Records drawn from a dataset ::
------------------------

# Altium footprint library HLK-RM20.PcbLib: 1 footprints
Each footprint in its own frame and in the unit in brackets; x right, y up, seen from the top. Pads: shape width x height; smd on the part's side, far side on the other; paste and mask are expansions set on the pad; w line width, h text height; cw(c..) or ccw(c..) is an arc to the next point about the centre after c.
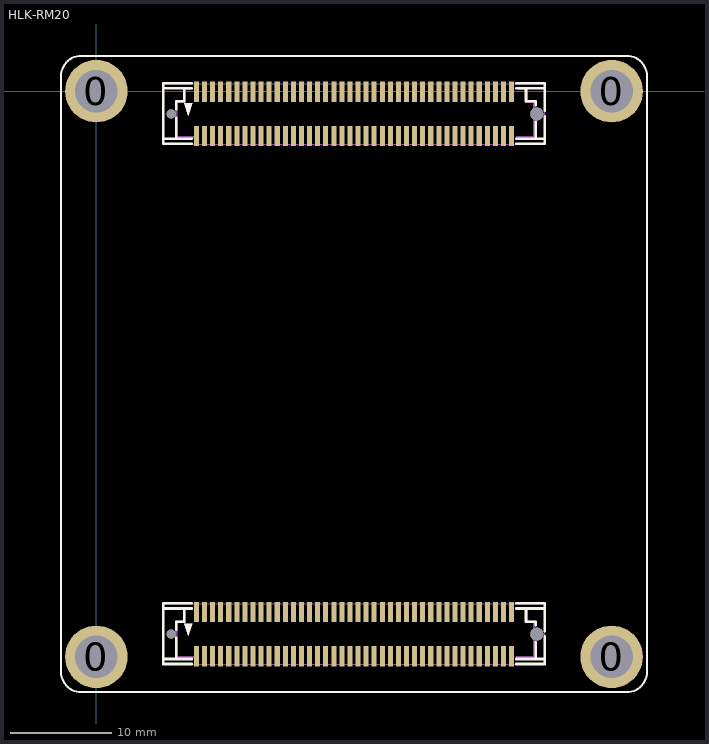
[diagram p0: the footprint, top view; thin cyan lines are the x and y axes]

## HLK-RM20 [mm]
pads (168):
  round 6.2 hole 4.2: 0(0,-56) 0(0,0) 0(51,-56) 0(51,0)
  rect 0.5x2 smd paste+0 mask+0.051: A1(9.9,-51.55) A2(9.9,-55.95) A3(10.7,-51.55) A4(10.7,-55.95) A5(11.5,-51.55) A6(11.5,-55.95) A7(12.3,-51.55) A8(12.3,-55.95) A9(13.1,-51.55) A10(13.1,-55.95) A11(13.9,-51.55) A12(13.9,-55.95) A13(14.7,-51.55) A14(14.7,-55.95) A15(15.5,-51.55) A16(15.5,-55.95) A17(16.3,-51.55) A18(16.3,-55.95) A19(17.1,-51.55) A20(17.1,-55.95) A21(17.9,-51.55) A22(17.9,-55.95) A23(18.7,-51.55) A24(18.7,-55.95) A25(19.5,-51.55) A26(19.5,-55.95) A27(20.3,-51.55) A28(20.3,-55.95) A29(21.1,-51.55) A30(21.1,-55.95) A31(21.9,-51.55) A32(21.9,-55.95) A33(22.7,-51.55) A34(22.7,-55.95) A35(23.5,-51.55) A36(23.5,-55.95) A37(24.3,-51.55) A38(24.3,-55.95) A39(25.1,-51.55) A40(25.1,-55.95) A41(25.9,-51.55) A42(25.9,-55.95) A43(26.7,-51.55) A44(26.7,-55.95) A45(27.5,-51.55) A46(27.5,-55.95) A47(28.3,-51.55) A48(28.3,-55.95) A49(29.1,-51.55) A50(29.1,-55.95) A51(29.9,-51.55) A52(29.9,-55.95) A53(30.7,-51.55) A54(30.7,-55.95) A55(31.5,-51.55) A56(31.5,-55.95) A57(32.3,-51.55) A58(32.3,-55.95) A59(33.1,-51.55) A60(33.1,-55.95) A61(33.9,-51.55) A62(33.9,-55.95) A63(34.7,-51.55) A64(34.7,-55.95) A65(35.5,-51.55) A66(35.5,-55.95) A67(36.3,-51.55) A68(36.3,-55.95) A69(37.1,-51.55) A70(37.1,-55.95) A71(37.9,-51.55) A72(37.9,-55.95) A73(38.7,-51.55) A74(38.7,-55.95) A75(39.5,-51.55) A76(39.5,-55.95) A77(40.3,-51.55) A78(40.3,-55.95) A79(41.1,-51.55) A80(41.1,-55.95) B1(9.9,-0.05) B2(9.9,-4.45) B3(10.7,-0.05) B4(10.7,-4.45) B5(11.5,-0.05) B6(11.5,-4.45) B7(12.3,-0.05) B8(12.3,-4.45) B9(13.1,-0.05) B10(13.1,-4.45) B11(13.9,-0.05) B12(13.9,-4.45) B13(14.7,-0.05) B14(14.7,-4.45) B15(15.5,-0.05) B16(15.5,-4.45) B17(16.3,-0.05) B18(16.3,-4.45) B19(17.1,-0.05) B20(17.1,-4.45) B21(17.9,-0.05) B22(17.9,-4.45) B23(18.7,-0.05) B24(18.7,-4.45) B25(19.5,-0.05) B26(19.5,-4.45) B27(20.3,-0.05) B28(20.3,-4.45) B29(21.1,-0.05) B30(21.1,-4.45) B31(21.9,-0.05) B32(21.9,-4.45) B33(22.7,-0.05) B34(22.7,-4.45) B35(23.5,-0.05) B36(23.5,-4.45) B37(24.3,-0.05) B38(24.3,-4.45) B39(25.1,-0.05) B40(25.1,-4.45) B41(25.9,-0.05) B42(25.9,-4.45) B43(26.7,-0.05) B44(26.7,-4.45) B45(27.5,-0.05) B46(27.5,-4.45) B47(28.3,-0.05) B48(28.3,-4.45) B49(29.1,-0.05) B50(29.1,-4.45) B51(29.9,-0.05) B52(29.9,-4.45) B53(30.7,-0.05) B54(30.7,-4.45) B55(31.5,-0.05) B56(31.5,-4.45) B57(32.3,-0.05) B58(32.3,-4.45) B59(33.1,-0.05) B60(33.1,-4.45) B61(33.9,-0.05) B62(33.9,-4.45) B63(34.7,-0.05) B64(34.7,-4.45) B65(35.5,-0.05) B66(35.5,-4.45) B67(36.3,-0.05) B68(36.3,-4.45) B69(37.1,-0.05) B70(37.1,-4.45) B71(37.9,-0.05) B72(37.9,-4.45) B73(38.7,-0.05) B74(38.7,-4.45) B75(39.5,-0.05) B76(39.5,-4.45) B77(40.3,-0.05) B78(40.3,-4.45) B79(41.1,-0.05) B80(41.1,-4.45)
  round 0.9 hole 0.9 unplated: ""(7.4,-53.75) ""(7.4,-2.25)
  round 1.3 hole 1.3 unplated: ""(43.6,-53.75) ""(43.6,-2.25)
Top Overlay:
  region: 8.7,-1.213 9.5,-1.213 9.1,-2.413
  region: 8.7,-52.713 9.5,-52.713 9.1,-53.913
  lines w0.2: -3.5,-57.5 ccw(c-1.5,-57.5) -1.5,-59.5 52.5,-59.5 ccw(c52.5,-57.5) 54.5,-57.5 54.5,1.5 ccw(c52.5,1.5) 52.5,3.5 -1.5,3.5 ccw(c-1.5,1.5) -3.5,1.5 -3.5,-57.5
  lines w0.254: 6.6,-56.213 9.419,-56.213 ; 6.6,-51.213 9.419,-51.213 ; 6.6,-4.713 9.419,-4.713 ; 6.6,0.287 9.419,0.287 ; 7.898,-56.213 7.9,-55.813 7.9,-54.116 ; 7.898,-4.713 7.9,-4.313 7.9,-2.616 ; 7.9,-53.31 7.9,-52.513 8.7,-52.513 8.7,-51.213 ; 7.9,-1.81 7.9,-1.013 8.7,-1.013 8.7,0.287 ; 9.419,-56.713 6.6,-56.713 6.6,-50.713 9.419,-50.713 ; 9.419,-5.213 6.6,-5.213 6.6,0.787 9.419,0.787 ; 41.581,-56.713 44.4,-56.713 44.4,-53.973 ; 41.581,-56.213 44.4,-56.213 ; 41.581,-51.213 44.4,-51.213 ; 41.581,-50.713 44.4,-50.713 44.4,-53.452 ; 41.581,-5.213 44.4,-5.213 44.4,-2.473 ; 41.581,-4.713 44.4,-4.713 ; 41.581,0.287 44.4,0.287 ; 41.581,0.787 44.4,0.787 44.4,-1.952 ; 42.53,-51.213 42.53,-52.513 43.5,-52.513 43.5,-52.876 ; 42.53,0.287 42.53,-1.013 43.5,-1.013 43.5,-1.376 ; 43.5,-56.213 43.5,-54.55 ; 43.5,-4.713 43.5,-3.05
Mechanical 6:
  region: 41.75,0.35 42.65,0.35 42.65,-0.95 43.45,-0.95 43.45,-1.05 43.45,-4.65 41.55,-4.65 41.55,-4.45 43.25,-4.45 43.25,-1.15 42.45,-1.15 42.45,0.05 42.45,0.15 41.75,0.15
  region: 9.5,0.35 8.6,0.35 8.6,-0.95 7.8,-0.95 7.8,-1.05 7.8,-4.65 9.7,-4.65 9.7,-4.45 8,-4.45 8,-1.15 8.8,-1.15 8.8,0.05 8.8,0.15 9.5,0.15
  region: 8.7,-1.217 9.5,-1.217 9.1,-2.417
  region: 41.75,-51.15 42.65,-51.15 42.65,-52.45 43.45,-52.45 43.45,-52.55 43.45,-56.15 41.55,-56.15 41.55,-55.95 43.25,-55.95 43.25,-52.65 42.45,-52.65 42.45,-51.45 42.45,-51.35 41.75,-51.35
  region: 9.5,-51.15 8.6,-51.15 8.6,-52.45 7.8,-52.45 7.8,-52.55 7.8,-56.15 9.7,-56.15 9.7,-55.95 8,-55.95 8,-52.65 8.8,-52.65 8.8,-51.45 8.8,-51.35 9.5,-51.35
  region: 8.7,-52.717 9.5,-52.717 9.1,-53.917
Mechanical 15:
  drawing of 168 lines, arcs and shapes, not listed

------------------------

PROBLEM DETAILS ::
Above are some lines. Repeat exactly, and only, those from the line that has "[diagram p0: the" through the line that has "round 6.2 hole".

WRITTEN RESPONSE ::
[diagram p0: the footprint, top view; thin cyan lines are the x and y axes]

## HLK-RM20 [mm]
pads (168):
  round 6.2 hole 4.2: 0(0,-56) 0(0,0) 0(51,-56) 0(51,0)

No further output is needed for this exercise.